Sent from Petguide.com Free App


----------



## JudyD (Feb 3, 2013)

I've been surprised how many people do recognize Jazz as a standard poodle. I don't think anyone has asked me, unless they phrase it as, "Is that a standard poodle?!"


----------



## frankgrimes (Nov 28, 2011)

I am often asked what breed Ralph is...Usually they assume some sort of Doodle...but I've had guesses of irish setter to sheep dog... lmao:aetsch:


----------



## Erin (Dec 11, 2012)

I have had two different individuals think that Conan was an afghan hound! Lol


Sent from Petguide.com Free App


----------



## tokipoke (Sep 3, 2011)

I get that question all of the time. My standard misleads people because most people have not seen one in person, and mine also has a very fluffy face so most think he is a mix. And to top it off - he's super tall for a standard so people are always stunned when they see him.


----------



## Carley's Mom (Oct 30, 2011)

I have never been asked, but once, over heard two men talking about Carley. The one said, " that was a pudle", the other, " that anit no pudle, that thing was huge"...lol


----------



## Cin3dee (Jan 5, 2013)

I have a Mini and the other day at the vets a woman asked me what she was. She has her FFT done and shes only three months but she looks like a poodle! The thing that cracked me up was when I told the woman she was a mini poodle she said "oh I have a mini poodle" HUH??? I know mines just 3 months old but I would have thought she would have seen my girl was a poodle. hahaha


----------



## Lily's-Mom (May 31, 2012)

Haha...funny to hear people's comments about your spoos. I guess lots of folks never saw a spoo, so they are surprised. 
I was talking to a woman this weekend and mentioned I had a poodle. She asked me if I have a mini or a "regular"? I didn't know WHAT she meant. what's a "regular" poodle? LOL!


----------



## AngelsMommy (Nov 3, 2012)

Lily's-Mom said:


> Haha...funny to hear people's comments about your spoos.
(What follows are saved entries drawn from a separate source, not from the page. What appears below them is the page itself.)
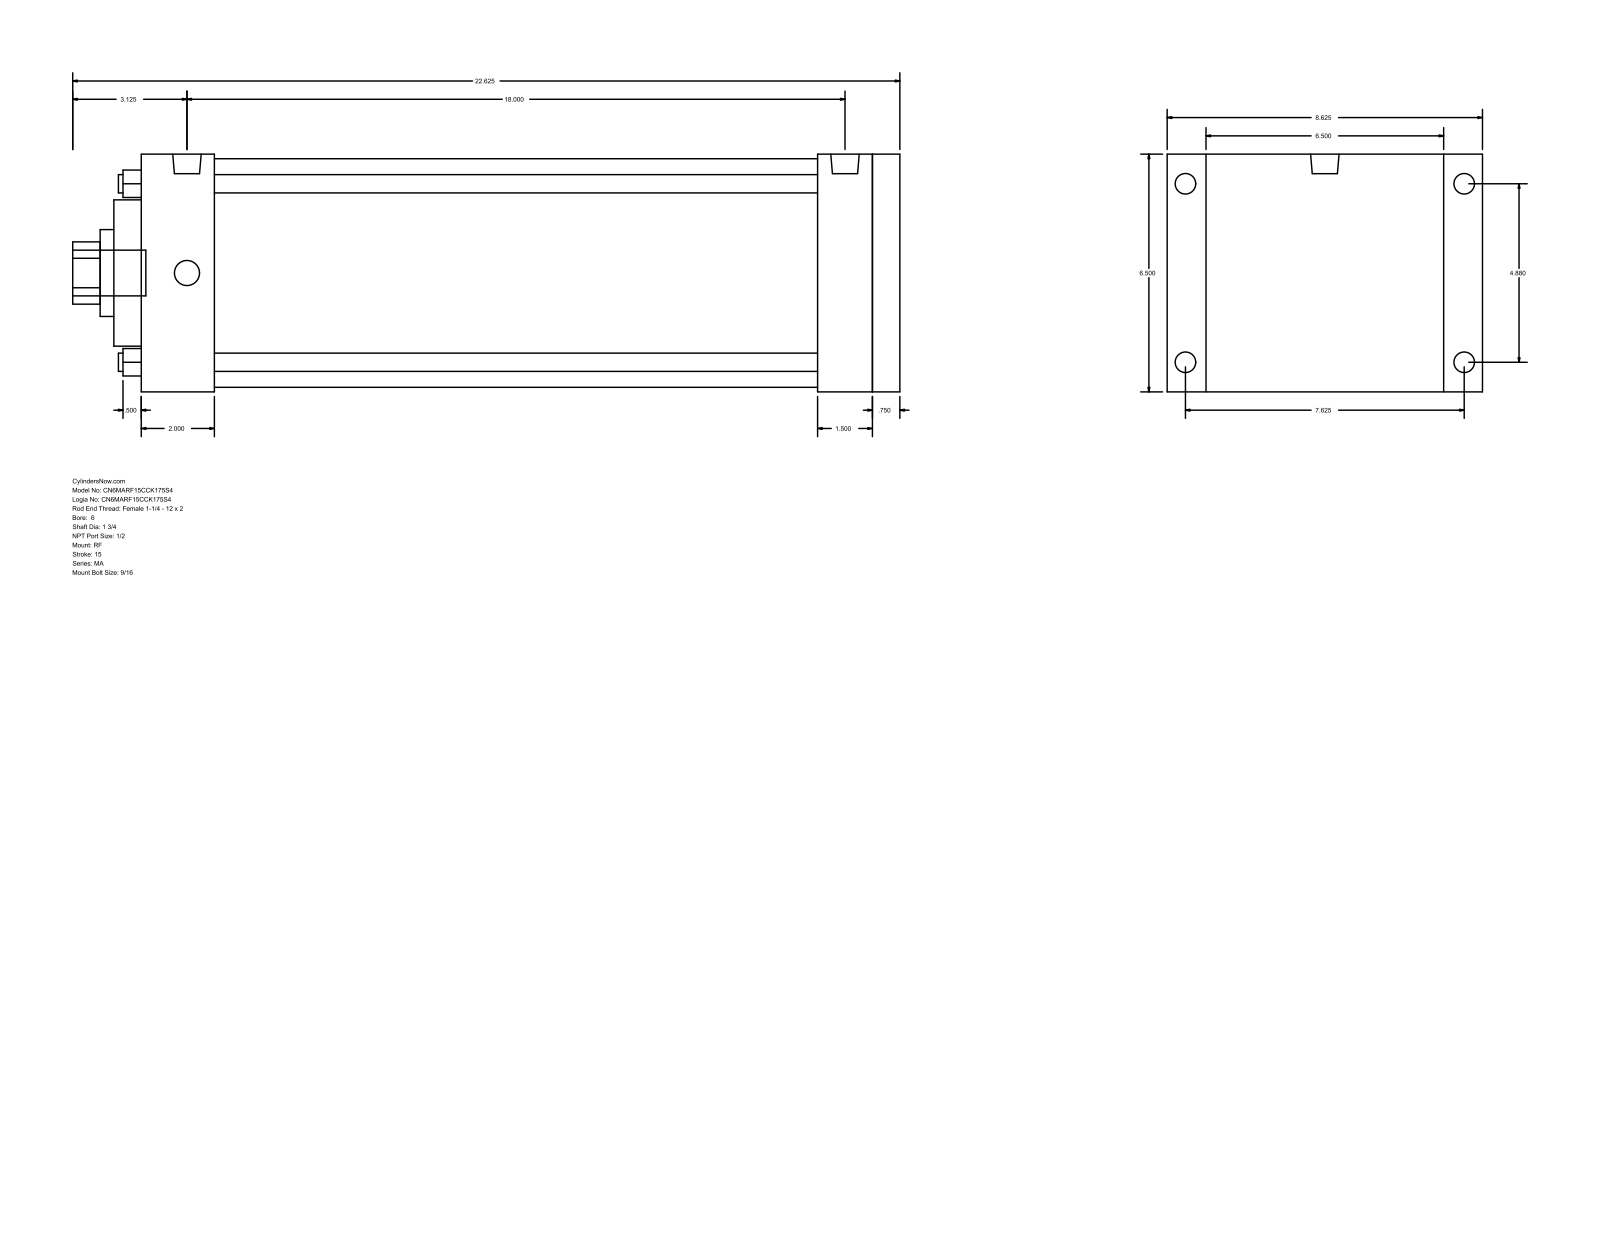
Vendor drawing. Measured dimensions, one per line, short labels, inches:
name: MA_RF__0600_1.75
written by: GSSL Pune (CONFIG_CONTROL_DESIGN)
unit: in
bodies: 0 solids, 94 faces (65 planar, 29 cylindrical, 0 other)
size: 22.625 × 8.625 × 6.5
holes: 4× ⌀0.5, 1× ⌀1.75, 1× ⌀2.375, 1× ⌀4, 1× ⌀6.25
bosses: 4× ⌀0.687, 4× ⌀0.563, 2× ⌀0.778, 1× ⌀1.25
rounds: 1× R0.852
face distances: 6.5, 20.75, 0.75, 20, 1.5, 2, 18, 18.75, 18.5, 16.5
hole spacings: 3.451, 4.88, 6.902

I guess lots of folks never saw a spoo, so they are surprised.
> I was talking to a woman this weekend and mentioned I had a poodle. She asked me if I have a mini or a "regular"? I didn't know WHAT she meant. what's a "regular" poodle? LOL!


I had to laugh at that Lily's Mom, but dealing with alot of folks to whom English is not their first language, I think that Standard could have that connotation as "regular" Haha! 
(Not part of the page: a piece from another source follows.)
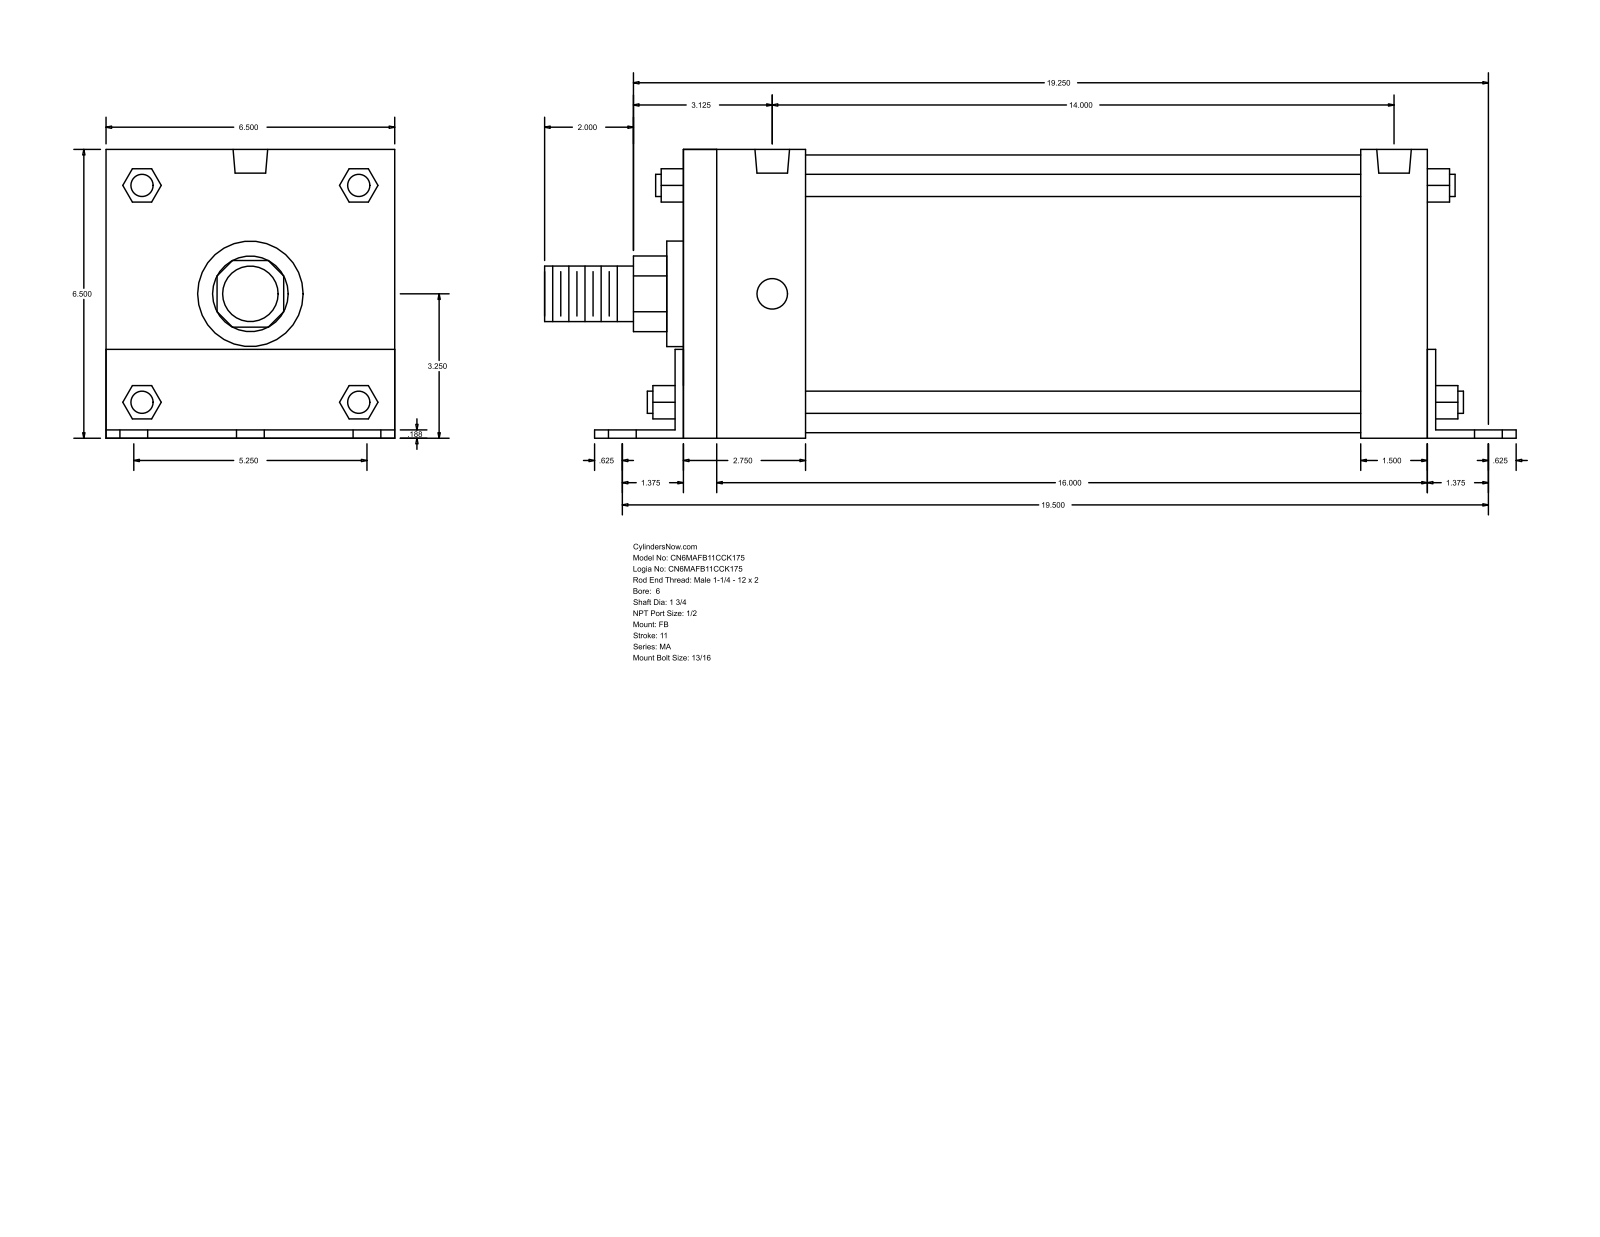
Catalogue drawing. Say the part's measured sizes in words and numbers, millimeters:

I get this question all of the time. lol

They are always surprised when I say my Angel is a standard poodle. Especially the cowboys, they are like she is a nice dog, but I don't like fou fou dogs, that is usually when I say she is retriever trained and they just walk away shaking their heads.  But this size of dog does seem to have magnetic properties to men. I always get a lot of questions from guys when I go out.


----------



## julietcr1 (Nov 10, 2012)

I get asked all the time if Sushi is a Doodle or a mix or what breed he is. From what I was told it's size, color and retriever trim confuses them. They are not expecting a poodle to be so big even if Sushi is not that big (26 inches and 60 pounds). They are expecting pom pom everywhere and think poodles come in black or white color only.
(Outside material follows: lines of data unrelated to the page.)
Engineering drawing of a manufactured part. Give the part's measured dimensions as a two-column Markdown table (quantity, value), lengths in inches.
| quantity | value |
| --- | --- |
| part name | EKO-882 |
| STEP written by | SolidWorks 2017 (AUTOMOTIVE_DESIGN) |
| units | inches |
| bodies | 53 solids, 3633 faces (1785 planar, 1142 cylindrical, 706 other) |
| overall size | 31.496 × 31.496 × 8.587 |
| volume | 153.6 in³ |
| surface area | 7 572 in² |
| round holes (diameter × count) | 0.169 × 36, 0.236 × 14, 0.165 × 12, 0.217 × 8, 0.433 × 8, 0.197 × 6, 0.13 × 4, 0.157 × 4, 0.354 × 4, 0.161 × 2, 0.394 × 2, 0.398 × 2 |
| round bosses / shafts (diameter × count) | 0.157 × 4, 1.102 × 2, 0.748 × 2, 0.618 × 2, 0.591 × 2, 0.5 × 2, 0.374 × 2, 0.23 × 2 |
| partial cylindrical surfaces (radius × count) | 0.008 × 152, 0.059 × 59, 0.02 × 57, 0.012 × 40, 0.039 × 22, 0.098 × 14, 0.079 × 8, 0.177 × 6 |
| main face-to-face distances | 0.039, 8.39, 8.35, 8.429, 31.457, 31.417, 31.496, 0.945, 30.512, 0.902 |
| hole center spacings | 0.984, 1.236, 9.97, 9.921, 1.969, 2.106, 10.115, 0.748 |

When people know he is a standard poodle I am surprise and I usually ask how they know. I got answers like "the way he walks", "how he carries his head", "his graceful trot", "his aristocrat look", etc. They are usually standard poodles owners or future standard poodles owners;o)


----------



## Sawyersmomma (May 28, 2012)

I'm surprised how often people ask about Sawyer. Most people refer to him as a "giant poodle". They've mostly only seen toys and mini's and didn't even know about standards. I suppose they're less common than the smaller ones but really? You can't tell what a poodle is?


----------



## jettabaz (Jan 18, 2012)

There aren't very many standards in the area that I live in. When people see Jovi and ask what kind of dog he is and I tell them, I always get.." I didn't know they came in that color." Because he is a parti...then they holler for whoever they are with..."You gotta come see this poodle!" When we first got him, the neighbor kids asked if he was a sheep.


----------



## Angl (Nov 9, 2012)

The only people around here that know what Max is, are other poodle owners( miniature and toys)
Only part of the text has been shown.